I bought a brand new bc 1250A (autofeed) with curbside (chute turns into the curb for side loading) in 1999. It was a great chipper mainly because I bought the biggest power, the 115 hp turbo diesel...Perkins.

Never had any major probs and you coming off such a small machine will appreciate it if it has autofeed and the biggest power plant. Bought it for around $23k and sold it last year for $15k to a township who looked at "about 50 machines" before buying mine. Not bad resale value but we keep our stuff, well, like an ex Marine would keep their stuff.

Bought a bc 2k prior to selling it with hurricane money.

Would have kept it if I had the room and last winter wasn't so dead.


----------



## prentice110

If any chipper is better than no chipper is your philosophy, then 1250s are fine. Ive been running one of those for a guy I sub for off and on for the last 8 years and I absolutely hate it. The chute clogs like nobodies bidness, the feedwheels are taller than the capacity so all sorts of stuff gets hung up on the "ledge" behind the feedwheels. The knives are single sided so you cant flip em when there dull. All the weight is on one side so you have to flip your tires all the time to keep from having a racing slick on the passenger side. If the pto ever goes out its a nitemare to re-align the belt. The bed-knife and the shafts are weak. There fine if you do alot of trims, and the occasional removal, but I would never buy one.
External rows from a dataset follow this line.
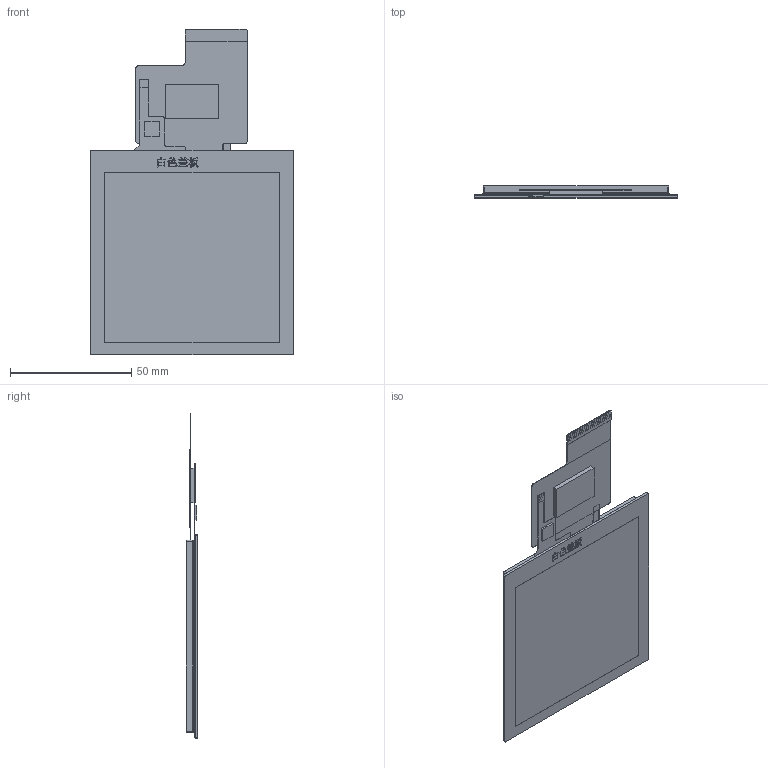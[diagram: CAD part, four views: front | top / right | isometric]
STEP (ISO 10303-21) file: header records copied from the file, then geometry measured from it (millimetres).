
FILE_DESCRIPTION (( 'STEP AP214' ), '1' );
FILE_NAME ('DMG48480F040_01WTCZ01 3D.STEP', '2023-09-14T06:38:46', ( '' ), ( 'Microsoft' ), 'SwSTEP 2.0', 'SolidWorks 2017', '' );
FILE_SCHEMA (( 'AUTOMOTIVE_DESIGN' ));
Length unit declared in the file: millimetre
Products named in the file (4): OCA; TPC040F0038G01V1(GT911)工程图 (白色盖板）; DMG48480F040_01WN; DMG48480F040_01WTCZ01 3D
Assembly tree (3 placements, depth 2):
  DMG48480F040_01WTCZ01 3D
    DMG48480F040_01WN
    TPC040F0038G01V1(GT911)工程图 (白色盖板）
    OCA
Bounding box: 84 x 4.85 x 134.15 mm (x, y, z)
Volume: 30702.1 mm3; surface area: 47275.9 mm2
Topology: 7 solids, 7 shells, 631 faces, 1622 edges, 1082 vertices
Faces by surface type: plane 547, cylinder 42, bspline 42
Entity records: 27656 total; most frequent: CARTESIAN_POINT 5314, ORIENTED_EDGE 3244, DIRECTION 2815, EDGE_CURVE 1622, LINE 1449, VECTOR 1449, VERTEX_POINT 1082, EDGE_LOOP 712

The only nice thing I can say is you dont have to clean up a bunch of crap under the feed when your done, yet, with bandits horizontal feed, there is a chance that some smaller rocks that your groundies will inevitably throw in may fall out the bottom. (Yet another doom and gloom post courtesy of Prentice110) Oh, and they never put a support on the pipe comin outa the hyd oil tank so after a few bumps down the road it like to crack and dump oil on your customers nice expensive new driveway.


----------



## treevet

probably had the little 80hp eng. ours handled big td's anytime. gotta shar;pen the knives sometimes too ya know?

rest of the stuff....never happened to this cowboy


----------



## prentice110

treevet said:


> probably had the little 80hp eng. ours handled big td's anytime. gotta shar;pen the knives sometimes too ya know?
> 
> rest of the stuff....never happened to this cowboy



95 or 96hp perkins with the turbo. and Johny is a mainentce nut.


----------



## treevet

We never had schit behind the feed wheels that made any difference in it running nor did we ever have any clogged chutes. Did your boss'es 1250 have auto feed? Maybe bad help beat the schit out of it? 

What is a weak bed knife? What kinda shafts are weak? Wtf you talkin bout something breakin and hyd leakin all over?

Are you saying horizontal is better or worse than verticle feed?

I don't think you have the slightest clue what you are talking about.:monkey:


----------



## treeclimber101

The 1250 is a great machine with the perkins 86 hp. they run forever if you maintain them and work hard , they are the # 1 machine around here used by the municipalities ...I have a 1230 and its a great machine light enough for a 1 ton and throws a full load of chips in my chip truck ...


----------



## treeoperations

never stand on the left hand side of the feed table and feed a long piece of wood cause it flicks round and whacks ya pretty damn hard, i still laugh when i think bout my dad getting hit and thrown across a feild haha.

they run strong, the vertical feed rollers are bit of a pain when the bearings a worn or the slide as they jamb them selves on the frame.

there a good machine, and i even better machine when there repowered with a 115hp motor and modified in a few places.

id have the 1250 over a 1000 any day if i was wanting a 12inch machine


----------



## treevet

treeoperations said:


> never stand on the left hand side of the feed table and feed a long piece of wood cause it flicks round and whacks ya pretty damn hard, i still laugh when i think bout my dad getting hit and thrown across a feild haha.
> 
> they run strong, the vertical feed rollers are bit of a pain when the bearings a worn or the slide as they jamb them selves on the frame.
> 
> there a good machine, and i even better machine when there repowered with a 115hp motor and modified in a few places.
> 
> id have the 1250 over a 1000 any day if i was wanting a 12inch machine



I agree with both ya.

They got a big fly wheel affect and knives are real easy to change regardless of non double side, whatever dif that makes anyway.....ya still got to pay for 2 sides getting sharpened with a 2 sider (got that now in my bc2k and had it in my Mitts).


----------



## treeoperations

if you really want double sided knives it is possible, the one i run on the odd job has been modified


----------